Hi from the NE and DP has a BD.........have just pm'd you xx


----------



## christabell (Oct 11, 2010)

Just adopted 19 month old twin girl, we went through north tyneside, whole process less than a year! All great!!!


----------



## bluedreams (Oct 18, 2012)

Hi all,

Hope you are still reading this thread! haha

We are just starting the process in the NE.  I've no idea how this PM bit works but if i figure it out I'd love to talk to you about your experiences etc.  It would be nice to have someone else to talk to who is at the same stage as us.

Bluedreams xx


----------



## Sq9 (Jan 15, 2013)

We've just started and are for the north east. Also new to here and PMing whatever that may be but if we ever work it out am happy to share!!
Good luck   
S x


----------



## VEC (May 29, 2007)

Hi

If you'd like to send a private message (PM), click on My Messages, then on Send a Message, and you'll open up aage on which you can and another member a PM.


----------



## bluedreams (Oct 18, 2012)

Thank you! I will give it a go now


----------



## millie:) (Feb 12, 2013)

We have just sent our forms in to LA went to the information evening very scared got a letter saying they will be in touch for initial 
Meeting within 4 weeks we are from the north east would be nice to keep in touch x


----------



## bluedreams (Oct 18, 2012)

Hi Millie,

How exciting! Same stage as us. We just had the case worker on the phone yesterday for our phone interview. She's now writing a report to put us forward for an initial visit. In the mean time were off to an info evening next Monday. Soo exciting!  
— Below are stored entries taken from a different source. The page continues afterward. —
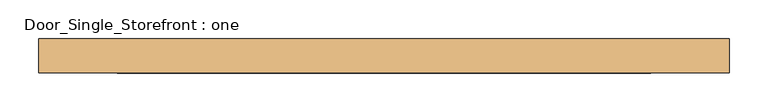
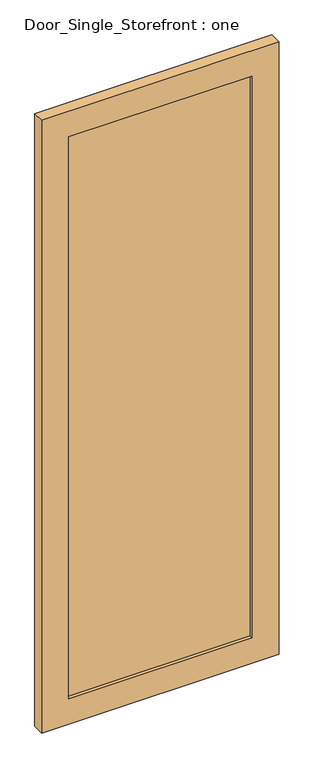
"""IFC4 building model written with IfcOpenShell, lengths in millimetres: door geometry, Door_Single_Storefront : one."""

from ifc_helpers import new_model, si_unit, frame, origin, place, context, project, spatial, polyline, outline, extrude, source, transform, mapped, element, save


def door_single_storefront_one_0563a783(model_context):
    return source(origin(), model_context, "Body", "SweptSolid", [
        extrude(outline(polyline([(345.28125, 6.35), (345.28125, -12.7), (-345.28125, -12.7), (-345.28125, 6.35), (345.28125, 6.35)])), frame((0.0, 0.0, 101.6), z_axis=(0.0, 0.0, 1.0), x_axis=(1.0, 0.0, 0.0)), (0.0, 0.0, 1.0), 2235.2),
        extrude(outline(polyline([(2438.4, -446.88125), (0.0, -446.88125), (0.0, 446.88125), (2438.4, 446.88125), (2438.4, -446.88125)]), holes=[polyline([(101.6, 345.28125), (101.6, -345.28125), (2336.8, -345.28125), (2336.8, 345.28125), (101.6, 345.28125)])]), frame((0.0, -25.4, 0.0), z_axis=(0.0, 1.0, 0.0), x_axis=(0.0, 0.0, 1.0)), (0.0, 0.0, 1.0), 44.45),
    ])


if __name__ == "__main__":
    model = new_model("IFC4")
    model_context = context("Model", 3, world=origin())
    ifc_project = project(units=[si_unit("LENGTHUNIT", "METRE", prefix="MILLI")], contexts=[model_context])
    site = spatial("IfcSite", under=ifc_project)
    building = spatial("IfcBuilding", under=site)
    placement = place(None, origin())
    door_single_storefront_one_shape = door_single_storefront_one_0563a783(model_context)
    element("IfcDoor", 1, ObjectType="Door_Single_Storefront : one", at=placement, inside=building, context=model_context, shape_type="MappedRepresentation", body=[
        mapped(door_single_storefront_one_shape, transform((0.0, 0.0, 0.0), x_axis=(1.0, 0.0, 0.0), y_axis=(0.0, 1.0, 0.0), z_axis=(0.0, 0.0, 1.0))),
    ])
    save(model, "model.ifc")

# Revit data of these elements
# Project information
#   Project Issue Date = "05/21/2015"
#   Project Status = "Project Status"
#   Client Name = "Xcel"
#   Project Address = "Enter address here"
#   Project Name = "Sports Complex"
#   Project Number = "Project Number"
# Type "Door_Single_Storefront : one"
#   Type Mark = "27"
#   Analytic Construction = "<None>"
#   Stile_Width = 0' - 4"
#   Door_Thickness = 0' - 1 3/4"
#   Door_Offset = 0' - 1"
#   Glass_Material = Glass
#   Frame_Material = Aluminum
#   Function = (empty or 0)
# Element 1 (IfcDoor, "Door_Single_Storefront : one")
#   Materials on its faces: "Aluminum", "Glass"
# Materials
#   "Glass": class "Glass", colour RGB 142 168 196, transparency 0.75, Description = "Soda Lime Glass", Cost = 0
#   "Aluminum": class "Metal", colour RGB 226 226 226, transparency 0, Description = "Aluminum 6061", Cost = 0
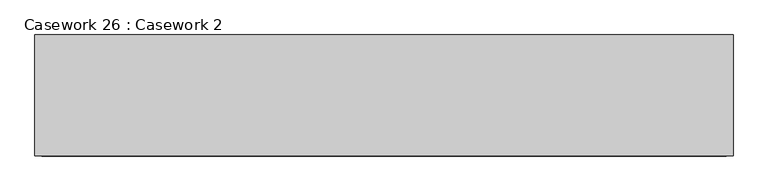
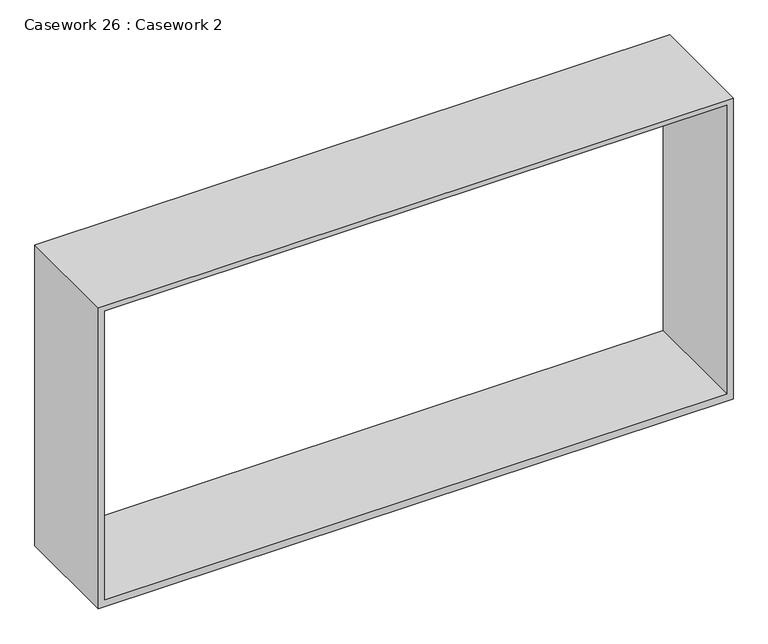
"""IFC4 building model written with IfcOpenShell, lengths in millimetres: furniture geometry, Casework 26 : Casework 2."""

from ifc_helpers import new_model, si_unit, frame, origin, place, context, project, spatial, polyline, outline, extrude, source, transform, mapped, element, save


def casework_26_casework_2_64ae3703(model_context):
    return source(origin(), model_context, "Body", "SweptSolid", [
        extrude(outline(polyline([(3048.0, -44729.8696714), (1745.7153081, -44729.8696714), (1745.7153081, -42133.813494), (3048.0, -42133.813494), (3048.0, -44729.8696714)]), holes=[polyline([(3024.850107, -44704.4696714), (3024.850107, -42159.1275026), (1776.6383668, -42159.1275026), (1776.6383668, -44704.4696714), (3024.850107, -44704.4696714)])]), frame((0.0, 285614.3720148, 0.0), z_axis=(0.0, 1.0, 0.0), x_axis=(0.0, 0.0, 1.0)), (0.0, 0.0, 1.0), 450.1962661),
    ])


if __name__ == "__main__":
    model = new_model("IFC4")
    model_context = context("Model", 3, world=origin())
    ifc_project = project(units=[si_unit("LENGTHUNIT", "METRE", prefix="MILLI")], contexts=[model_context])
    site = spatial("IfcSite", under=ifc_project)
    building = spatial("IfcBuilding", under=site)
    placement = place(None, origin())
    casework_26_casework_2_shape = casework_26_casework_2_64ae3703(model_context)
    element("IfcFurniture", 1, ObjectType="Casework 26 : Casework 2", at=placement, inside=building, context=model_context, shape_type="MappedRepresentation", body=[
        mapped(casework_26_casework_2_shape, transform((0.0, 0.0, 0.0), x_axis=(1.0, 0.0, 0.0), y_axis=(0.0, 1.0, 0.0), z_axis=(0.0, 0.0, 1.0))),
    ])
    save(model, "model.ifc")

# Revit data of these elements
# Element 1 (IfcFurniture, "Casework 26 : Casework 2")
#   Materials on its faces: "ALUMINUM PROFILE AT POLYCARBONATE PANEL"
# Materials
#   "ALUMINUM PROFILE AT POLYCARBONATE PANEL": class "Metal", colour RGB 244 244 244, transparency 0, Description = "Aluminum 6061", Cost = 0
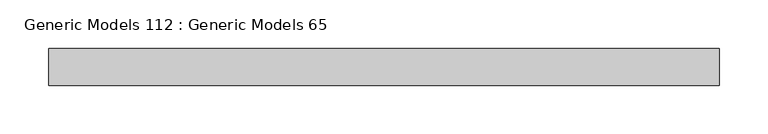
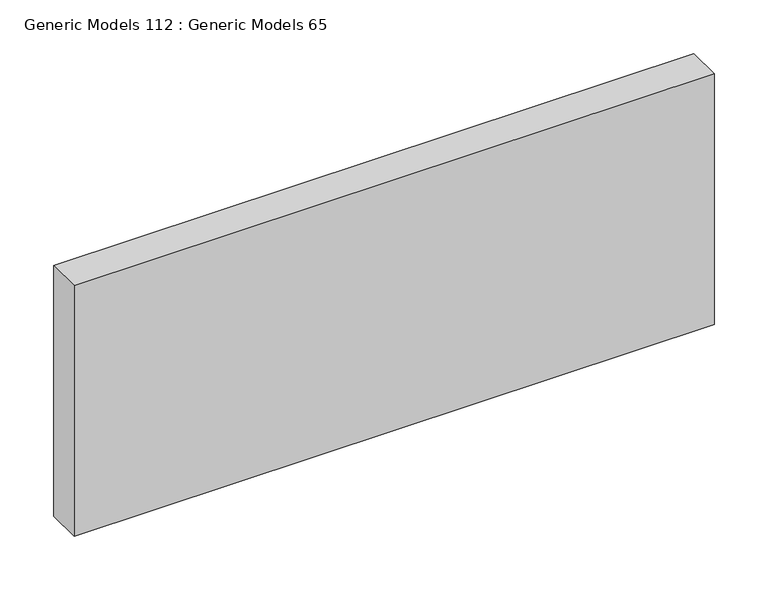
"""IFC4 building model written with IfcOpenShell, lengths in millimetres: proxy geometry, Generic Models 112 : Generic Models 65."""

import ifcopenshell
import ifcopenshell.guid

model = None  # the IFC model being written
_history = None  # IfcOwnerHistory: only IFC2X3 demands one
_inside = {}  # id of a spatial element -> (the spatial element, [elements in it])
_under = {}  # id of a project, library or spatial element -> (it, [spatial elements below it])
_declared = {}  # id of a project -> (the project, [libraries it declares])
_typed = {}  # id of a type object -> (the type object, [elements of that type])
_made_of = {}  # id of a material, layer set ... -> (it, [elements and type objects made of it])


def new_model(schema):
    """Start an empty IFC model of exactly this schema.

    Asked for "IFC4X3", IfcOpenShell would pick the latest addendum, in which some entities
    have other attributes; the version numbers below select the first issue.
    IFC2X3 requires an IfcOwnerHistory on every rooted entity: one is made here for all.
    """
    global model, _history
    if schema == "IFC4X3":
        model = ifcopenshell.file(schema_version=(4, 3, 0, 0))
    else:
        model = ifcopenshell.file(schema=schema)
    _inside.clear()
    _under.clear()
    _declared.clear()
    _typed.clear()
    _made_of.clear()
    _history = None
    if model.schema == "IFC2X3":
        org = make("IfcOrganization", Name="unknown")
        user = make(
            "IfcPersonAndOrganization",
            ThePerson=make("IfcPerson", FamilyName="unknown"),
            TheOrganization=org,
        )
        app = make(
            "IfcApplication",
            ApplicationDeveloper=org,
            Version="unknown",
            ApplicationFullName="unknown",
            ApplicationIdentifier="unknown",
        )
        _history = make(
            "IfcOwnerHistory",
            OwningUser=user,
            OwningApplication=app,
            ChangeAction="ADDED",
            CreationDate=0,
        )
    return model


def make(cls, **values):
    """One entity of the class cls with the attributes given. An attribute that is None is left unset."""
    return model.create_entity(
        cls, **{name: value for name, value in values.items() if value is not None}
    )


def rooted(cls, **values):
    """An entity with a GlobalId (a new one), such as an element, a storey or a relation."""
    return make(cls, GlobalId=ifcopenshell.guid.new(), OwnerHistory=_history, **values)


def si_unit(unit_type, name, prefix=None):
    """IfcSIUnit, for example si_unit("LENGTHUNIT", "METRE", prefix="MILLI")."""
    return make("IfcSIUnit", UnitType=unit_type, Prefix=prefix, Name=name)


def assignment(units):
    """IfcUnitAssignment: the units of a project."""
    return None if units is None else make("IfcUnitAssignment", Units=units)


def point(xyz):
    """IfcCartesianPoint."""
    return None if xyz is None else make("IfcCartesianPoint", Coordinates=xyz)


def direction(xyz):
    """IfcDirection."""
    return None if xyz is None else make("IfcDirection", DirectionRatios=xyz)


def frame(location, z_axis=None, x_axis=None):
    """IfcAxis2Placement3D, a coordinate frame: its origin and axes. An axis left out is left unset."""
    return make(
        "IfcAxis2Placement3D",
        Location=point(location),
        Axis=direction(z_axis),
        RefDirection=direction(x_axis),
    )


def origin():
    """The frame at (0, 0, 0) with its axes left unset."""
    return frame((0.0, 0.0, 0.0))


def place(relative_to, where):
    """IfcLocalPlacement: puts the frame where relative to a parent placement (None: the world)."""
    return make(
        "IfcLocalPlacement", PlacementRelTo=relative_to, RelativePlacement=where
    )


def context(
    kind, dimensions, precision=None, world=None, true_north=None, identifier=None
):
    """IfcGeometricRepresentationContext, for example the 3D "Model" context."""
    return make(
        "IfcGeometricRepresentationContext",
        ContextIdentifier=identifier,
        ContextType=kind,
        CoordinateSpaceDimension=dimensions,
        Precision=precision,
        WorldCoordinateSystem=world,
        TrueNorth=true_north,
    )


def project(units=None, contexts=None):
    """IfcProject with its units and contexts."""
    return rooted(
        "IfcProject",
        Name="project",
        RepresentationContexts=contexts,
        UnitsInContext=assignment(units),
    )


def spatial(cls, under=None, at=None, **own):
    """A site, building, storey or space (cls), placed at a placement, below another one or the project."""
    s = rooted(cls, ObjectPlacement=at, **own)
    if under is not None:
        _under.setdefault(under.id(), (under, []))[1].append(s)
    return s


def polyline(points):
    """IfcPolyline through the points."""
    return make("IfcPolyline", Points=[point(p) for p in points])


def outline(outer, holes=None, kind="AREA"):
    """IfcArbitraryClosedProfileDef: a profile drawn as a closed curve; with holes, ...WithVoids."""
    if holes is None:
        return make("IfcArbitraryClosedProfileDef", ProfileType=kind, OuterCurve=outer)
    return make(
        "IfcArbitraryProfileDefWithVoids",
        ProfileType=kind,
        OuterCurve=outer,
        InnerCurves=holes,
    )


def extrude(swept, where, along, depth):
    """IfcExtrudedAreaSolid: the profile swept, set in the frame where, extruded along a direction by depth."""
    return make(
        "IfcExtrudedAreaSolid",
        SweptArea=swept,
        Position=where,
        ExtrudedDirection=direction(along),
        Depth=depth,
    )


def shape(context_of_items, identifier, shape_type, items):
    """IfcShapeRepresentation: the items that make up one representation, for example the "Body"."""
    return make(
        "IfcShapeRepresentation",
        ContextOfItems=context_of_items,
        RepresentationIdentifier=identifier,
        RepresentationType=shape_type,
        Items=items,
    )


def source(mapping_origin, context_of_items, identifier, shape_type, items):
    """IfcRepresentationMap: a shape defined once, which mapped items show again and again."""
    return make(
        "IfcRepresentationMap",
        MappingOrigin=mapping_origin,
        MappedRepresentation=shape(context_of_items, identifier, shape_type, items),
    )


def transform(
    local_origin,
    x_axis=None,
    y_axis=None,
    z_axis=None,
    scale=None,
    scale2=None,
    scale3=None,
    uniform=True,
):
    """IfcCartesianTransformationOperator3D, or its non-uniform kind. x_axis, y_axis, z_axis: its Axis1, 2, 3."""
    if uniform:
        return make(
            "IfcCartesianTransformationOperator3D",
            Axis1=direction(x_axis),
            Axis2=direction(y_axis),
            LocalOrigin=point(local_origin),
            Scale=scale,
            Axis3=direction(z_axis),
        )
    return make(
        "IfcCartesianTransformationOperator3DnonUniform",
        Axis1=direction(x_axis),
        Axis2=direction(y_axis),
        LocalOrigin=point(local_origin),
        Scale=scale,
        Axis3=direction(z_axis),
        Scale2=scale2,
        Scale3=scale3,
    )


def mapped(mapping_source, mapping_target):
    """IfcMappedItem: shows the shape of a source again, moved by a transform."""
    return make(
        "IfcMappedItem", MappingSource=mapping_source, MappingTarget=mapping_target
    )


def made_of(thing, what):
    """Note that an element or type object is made of a material, layer set ...; save() writes the relation."""
    if what is not None:
        _made_of.setdefault(what.id(), (what, []))[1].append(thing)
    return thing


def element(
    cls,
    number,
    at=None,
    inside=None,
    cuts=None,
    type_object=None,
    material=None,
    context=None,
    identifier="Body",
    shape_type=None,
    held_by="IfcProductDefinitionShape",
    body=None,
    shapes=None,
    **own,
):
    """One element of the class cls, such as IfcWall. Its Tag is "e" and its number.

    at: its placement. inside: the storey or other place that contains it. cuts: it is an
    opening in that element (IfcRelVoidsElement). A single representation is given by context,
    identifier, shape_type and body (its items); several are given by shapes. held_by: the class
    of the entity that holds the representations. save() writes the other relations.
    """
    e = rooted(cls, Tag="e%d" % number, ObjectPlacement=at, **own)
    if body is not None:
        shapes = [shape(context, identifier, shape_type, body)]
    if shapes is not None:
        e.Representation = make(held_by, Representations=shapes)
    if inside is not None:
        _inside.setdefault(inside.id(), (inside, []))[1].append(e)
    if cuts is not None:
        rooted(
            "IfcRelVoidsElement", RelatingBuildingElement=cuts, RelatedOpeningElement=e
        )
    if type_object is not None:
        _typed.setdefault(type_object.id(), (type_object, []))[1].append(e)
    return made_of(e, material)


def aggregate(whole, parts):
    """IfcRelAggregates: a whole, such as a stair, and the parts it consists of."""
    return rooted("IfcRelAggregates", RelatingObject=whole, RelatedObjects=parts)


def save(model, path):
    """Write the relations noted so far, then the file.

    IfcRelAggregates (storeys below a building ...), IfcRelContainedInSpatialStructure (elements
    in a storey), IfcRelDefinesByType, IfcRelAssociatesMaterial and IfcRelDeclares: one each for
    every whole, place, type object, material and project.
    """
    for whole, parts in _under.values():
        aggregate(whole, parts)
    for where, things in _inside.values():
        rooted(
            "IfcRelContainedInSpatialStructure",
            RelatedElements=things,
            RelatingStructure=where,
        )
    for kind, things in _typed.values():
        rooted("IfcRelDefinesByType", RelatedObjects=things, RelatingType=kind)
    for what, things in _made_of.values():
        rooted("IfcRelAssociatesMaterial", RelatedObjects=things, RelatingMaterial=what)
    for by, libraries in _declared.values():
        rooted("IfcRelDeclares", RelatingContext=by, RelatedDefinitions=libraries)
    model.write(path)


def generic_models_112_generic_models_65_d168d7b0(model_context):
    return source(origin(), model_context, "Body", "SweptSolid", [
        extrude(outline(polyline([(50952.4, 592.1375), (50952.4, 630.2375), (51642.1451407, 630.2375), (51642.1451407, 592.1375), (50952.4, 592.1375)])), frame((0.0, 0.0, 5222.478125), z_axis=(0.0, 0.0, 1.0), x_axis=(1.0, 0.0, 0.0)), (0.0, 0.0, 1.0), 285.75),
    ])


if __name__ == "__main__":
    model = new_model("IFC4")
    model_context = context("Model", 3, world=origin())
    ifc_project = project(units=[si_unit("LENGTHUNIT", "METRE", prefix="MILLI")], contexts=[model_context])
    site = spatial("IfcSite", under=ifc_project)
    building = spatial("IfcBuilding", under=site)
    placement = place(None, origin())
    generic_models_112_generic_models_65_shape = generic_models_112_generic_models_65_d168d7b0(model_context)
    element("IfcBuildingElementProxy", 1, Name="Generic Models 112 : Generic Models 65", ObjectType="Generic Models 112 : Generic Models 65", at=placement, inside=building, context=model_context, shape_type="MappedRepresentation", body=[
        mapped(generic_models_112_generic_models_65_shape, transform((0.0, 0.0, 0.0), x_axis=(1.0, 0.0, 0.0), y_axis=(0.0, 1.0, 0.0), z_axis=(0.0, 0.0, 1.0))),
    ])
    save(model, "model.ifc")

# Revit data of these elements
# Element 1 (IfcBuildingElementProxy, "Generic Models 112 : Generic Models 65")
#   Materials on its faces: "WOOD JOIST AS SPECIFIED"
# Materials
#   "WOOD JOIST AS SPECIFIED": class "Wood", colour RGB 234 198 147, transparency 0, Description = "Pinus Echinata", Cost = 0

WS hat sort of things were discussed at the info evening you went to?


----------



## millie:) (Feb 12, 2013)

The information evening was Mostly the process of adoption and answering any questions that you had it was pretty much the same as what was in the information pack was interesting and quite laid back approach although at the time we were nervous as hell good luck x


----------



## Sq9 (Jan 15, 2013)

It was pretty much the same for us, but an adopter was also there to talk abut his family's experience of the process which was amazing.  Particularly made a difference for dh because it was from a blokes point of view.

Good luck


----------



## millie:) (Feb 12, 2013)

Had our initial interview with social worker today I have never been so nervous I have never cleaned the house so much went OK though she seemed happy she said she will give us the dates of the counselling course so it seems OK still you second guess everything you say and do, sent the hubby out for cakes for the saw at 08.30 this morning came back with two carrier bags full and sw was on a diet ha


----------